I am getting the same error as well, were you able to find a fix? My VCF file has a only 113 mismatches and 1962 lines, but when I run fixref, all 1962 become unresolved and then gets deleted because of the -d flag.
@Celestic1 The problem was partly fixed when I first converted my VCF file to BCF using the view
command in bcftools and then ran the fixref
, at least then I didn't get an empty outfile. Maybe that could work for you? However, the outfile didn't seem 100 % correct so I've started to suspect that there is some other error with my VCF file not connected to the fixref
. Hope that helped!
@idalarsson Okay thank you, I will try it out and let you know how it goes.

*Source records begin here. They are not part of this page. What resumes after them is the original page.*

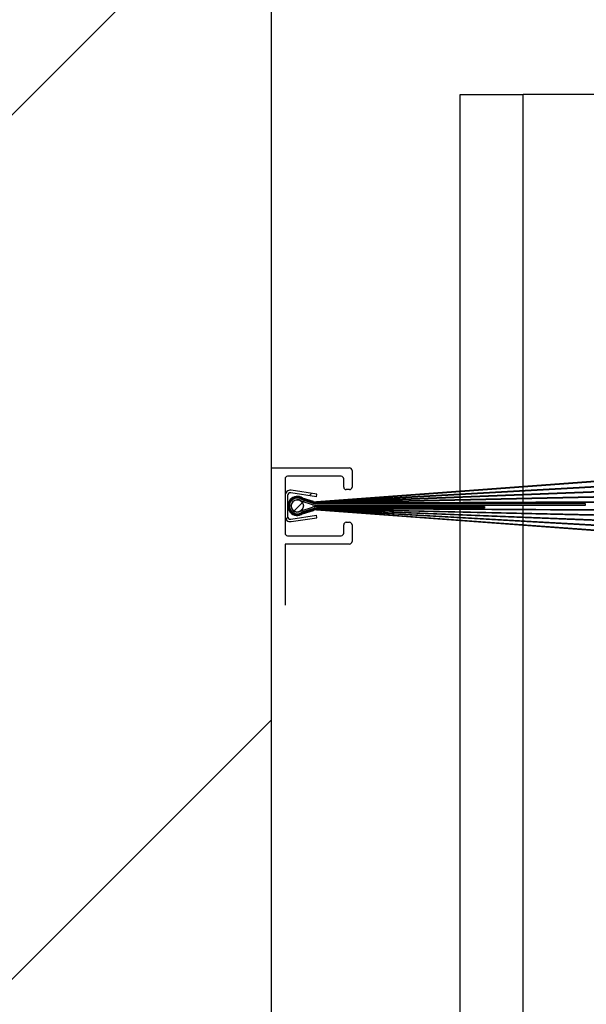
# Model space of a CAD drawing. Header units: inches. Extents: x 170 to 284, y 215 to 248.
# Tile 479 of 656: x 210.576 to 210.692, y 224.158 to 224.36. Entities that reach past the tile are written whole.
import ezdxf

# ---------------------------------------------------------------- set-up
doc = ezdxf.new("R2010")
doc.units = ezdxf.units.IN
doc.header["$LTSCALE"] = 0.25
doc.header["$MEASUREMENT"] = 0
doc.layers.add('RH FRONT OF HOOD', color=7, linetype='Continuous')
pattern_1 = [(45, (200.7563139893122, 218.4993357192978), (-0.03026527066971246, 0.03026527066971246), [])]

msp = doc.modelspace()

# ---------------------------------------------------------------- hatches: boundary and pattern name
at = {"layer": 'RH FRONT OF HOOD'}
h = msp.add_hatch(dxfattribs=at)
h.set_pattern_fill('ANSI31', color=256, style=0)
h.set_pattern_definition([(45, (1.325744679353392, 14.73780338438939), (-0.08838834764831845, 0.08838834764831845), [])])
h.paths.add_polyline_path([(210.1121593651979, 224.1133359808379), (210.6277843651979, 224.1133359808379), (210.6277843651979, 225.5900686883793), (210.3912902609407, 225.5900686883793), (210.3912902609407, 225.6547275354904), (210.3528750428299, 225.5213686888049), (210.3528750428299, 225.5900686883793), (210.1121593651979, 225.5900686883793)])
h = msp.add_hatch(dxfattribs=at)
h.set_pattern_fill('ANSI31', color=256, scale=0.34241245, angle=2.8e-322, style=0)
h.set_pattern_definition(pattern_1)
edge = h.paths.add_edge_path(flags=0)
edge.add_line((210.6362983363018, 224.2612085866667), (210.6341001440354, 224.2619183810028))
edge.add_arc((210.6330224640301, 224.2603371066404), 0.001913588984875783, 415.7245424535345, 664.2754575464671)
edge.add_line((210.6341001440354, 224.258755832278), (210.6362983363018, 224.2594656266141))
edge.add_arc((210.6369401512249, 224.2574779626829), 0.002088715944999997, 450, 467.895222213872, ccw=False)
edge.add_line((210.6369401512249, 224.2595666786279), (210.8082306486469, 224.246919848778))
edge.add_line((210.8082306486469, 224.246919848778), (210.8082306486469, 224.2468044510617))
edge.add_line((210.8082306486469, 224.2468044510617), (210.6369401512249, 224.2595324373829))
edge.add_arc((210.6369401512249, 224.2574779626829), 0.002054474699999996, 450.0000000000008, 467.8952222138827)
edge.add_line((210.6363088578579, 224.2594330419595), (210.6341153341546, 224.2587247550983))
edge.add_arc((210.6330224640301, 224.2603371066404), 0.001947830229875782, 55.87013613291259, 304.1298638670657, ccw=False)
edge.add_line((210.6341153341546, 224.2619494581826), (210.6363088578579, 224.2612411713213))
edge.add_arc((210.6369401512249, 224.2631962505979), 0.0020544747, 252.1047777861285, 270)
edge.add_line((210.6369401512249, 224.2611417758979), (210.8082306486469, 224.2738697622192))
edge.add_line((210.8082306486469, 224.2738697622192), (210.8082306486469, 224.2737543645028))
edge.add_line((210.8082306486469, 224.2737543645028), (210.6369401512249, 224.2611075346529))
edge.add_arc((210.6369401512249, 224.2631962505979), 0.002088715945, 252.1047777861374, 269.9999999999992, ccw=False)
h = msp.add_hatch(dxfattribs=at)
h.set_pattern_fill('ANSI31', color=256, scale=0.34241245, angle=2.8e-322, style=0)
h.set_pattern_definition(pattern_1)
edge = h.paths.add_edge_path(flags=0)
edge.add_line((210.6362772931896, 224.2611434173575), (210.6340696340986, 224.2618562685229))
edge.add_arc((210.6330224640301, 224.2603371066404), 0.001845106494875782, 415.4212030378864, 664.5787969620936)
edge.add_line((210.6340696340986, 224.2588179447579), (210.6362772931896, 224.2595307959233))
edge.add_arc((210.6369401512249, 224.2574779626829), 0.002157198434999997, 450, 467.89522221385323, ccw=False)
edge.add_line((210.6369401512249, 224.2596351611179), (210.8082306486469, 224.249966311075))
edge.add_line((210.8082306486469, 224.249966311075), (210.8082306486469, 224.2498519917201))
edge.add_line((210.8082306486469, 224.2498519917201), (210.6369401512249, 224.2596009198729))
edge.add_arc((210.6369401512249, 224.2574779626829), 0.002122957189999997, 450.0000000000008, 467.895222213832)
edge.add_line((210.6362878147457, 224.2594982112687), (210.6340849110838, 224.2587868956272))
edge.add_arc((210.6330224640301, 224.2603371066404), 0.001879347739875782, 55.574959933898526, 304.4250400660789, ccw=False)
edge.add_line((210.6340849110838, 224.2618873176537), (210.6362878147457, 224.2611760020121))
edge.add_arc((210.6369401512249, 224.2631962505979), 0.00212295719, 252.1047777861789, 270)
edge.add_line((210.6369401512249, 224.2610732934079), (210.8082306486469, 224.2708222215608))
edge.add_line((210.8082306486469, 224.2708222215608), (210.8082306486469, 224.2707079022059))
edge.add_line((210.8082306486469, 224.2707079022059), (210.6369401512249, 224.2610390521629))
edge.add_arc((210.6369401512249, 224.2631962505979), 0.002157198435, 252.10477778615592, 269.9999999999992, ccw=False)
h = msp.add_hatch(dxfattribs=at)
h.set_pattern_fill('ANSI31', color=256, scale=0.34241245, angle=2.8e-322, style=0)
h.set_pattern_definition(pattern_1)
edge = h.paths.add_edge_path(flags=0)
edge.add_line((210.6362562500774, 224.2610782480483), (210.6340389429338, 224.2617942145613))
edge.add_arc((210.6330224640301, 224.2603371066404), 0.001776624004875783, 415.1003613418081, 664.8996386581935)
edge.add_line((210.6340389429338, 224.2588799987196), (210.6362562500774, 224.2595959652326))
edge.add_arc((210.6369401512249, 224.2574779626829), 0.002225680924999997, 450, 467.8952222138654, ccw=False)
edge.add_line((210.6369401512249, 224.2597036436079), (210.8082306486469, 224.2529848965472))
edge.add_line((210.8082306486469, 224.2529848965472), (210.8082306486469, 224.2528712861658))
edge.add_line((210.8082306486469, 224.2528712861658), (210.6369401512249, 224.2596694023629))
edge.add_arc((210.6369401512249, 224.2574779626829), 0.002191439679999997, 450.0000000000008, 467.8952222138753)
edge.add_line((210.6362667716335, 224.259563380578), (210.6340543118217, 224.2588489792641))
edge.add_arc((210.6330224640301, 224.2603371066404), 0.001810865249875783, 55.26307391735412, 304.7369260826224, ccw=False)
edge.add_line((210.6340543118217, 224.2618252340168), (210.6362667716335, 224.2611108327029))
edge.add_arc((210.6369401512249, 224.2631962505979), 0.00219143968, 252.1047777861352, 270)
edge.add_line((210.6369401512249, 224.2610048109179), (210.8082306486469, 224.267802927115))
edge.add_line((210.8082306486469, 224.267802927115), (210.8082306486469, 224.2676893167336))
edge.add_line((210.8082306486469, 224.2676893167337), (210.6369401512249, 224.2609705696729))
edge.add_arc((210.6369401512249, 224.2631962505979), 0.002225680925, 252.10477778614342, 269.9999999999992, ccw=False)
h = msp.add_hatch(dxfattribs=at)
h.set_pattern_fill('ANSI31', color=256, scale=0.34241245, angle=2.8e-322, style=0)
h.set_pattern_definition(pattern_1)
edge = h.paths.add_edge_path(flags=0)
edge.add_line((210.6362352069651, 224.2610130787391), (210.6340080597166, 224.2617322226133))
edge.add_arc((210.6330224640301, 224.2603371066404), 0.001708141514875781, 414.7602667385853, 665.2397332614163)
edge.add_line((210.6340080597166, 224.2589419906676), (210.6362352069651, 224.2596611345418))
edge.add_arc((210.6369401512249, 224.2574779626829), 0.002294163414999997, 450, 467.8952222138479, ccw=False)
edge.add_line((210.6369401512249, 224.2597721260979), (210.8082306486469, 224.2559838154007))
edge.add_line((210.8082306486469, 224.2559838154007), (210.8082306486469, 224.2558731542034))
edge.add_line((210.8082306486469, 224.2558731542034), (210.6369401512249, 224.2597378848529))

Edit: Update, converting my files to BCF did not work, I will have to ask around since I can't find my answer anywhere online :( and my work is bugging me to get it done asap lol.
Four years later and I have been faced with the same problem :( Was there a solution to this issue @idalarsson ?
Hello,
I have a very annoying problem and hope that you can help me. I have a vcf file containing appr 800 000 snps (with rs id) from 95 subjects. The vcf-file was generated from .bed, .bim and .fam-files using plink(1.9).
I want to use the Sanger Imputation service, but when trying this I got an error message saying "The input file sanity check failed, "bcftools norm -ce" exited with the following message: Reference allele mismatch at 1:3 .. REF_SEQ:'N' vs VCF:'T'". I therefore started looking into the recommendations about using bcftools to check my file.
First, I changed the chromosome-names using
bcftools annotate
. From what I can see this worked fine, at least when looking at the metainfo in the vcf-file.Thereafter I ran the
bcftools +fixref
command to obtain stats about my file. I ran this against the recommended reference file from Sanger, i.e. GRCh37 reference fasta. I get the following stats:Apparently, 75% mismatched with the reference (?). Therefore I tried using the recommended allele swapping command:
bcftools +fixref vcffromR.chrfix.vcf -Ob -o fixref.vcf -- -d -f human_g1k_v37.fasta -i All_20180418.new.vcf.gz
After a couple of minutes the run ended, only showing the message "Reference base mismatch at 1:101471825 .. A vs C". A file called fixref.vcf has been generated but this one is empty.
Do you have any idea what's the problem with this? I have tried solving this error in all the ways I can come up with but nothing works. Thank you in advance!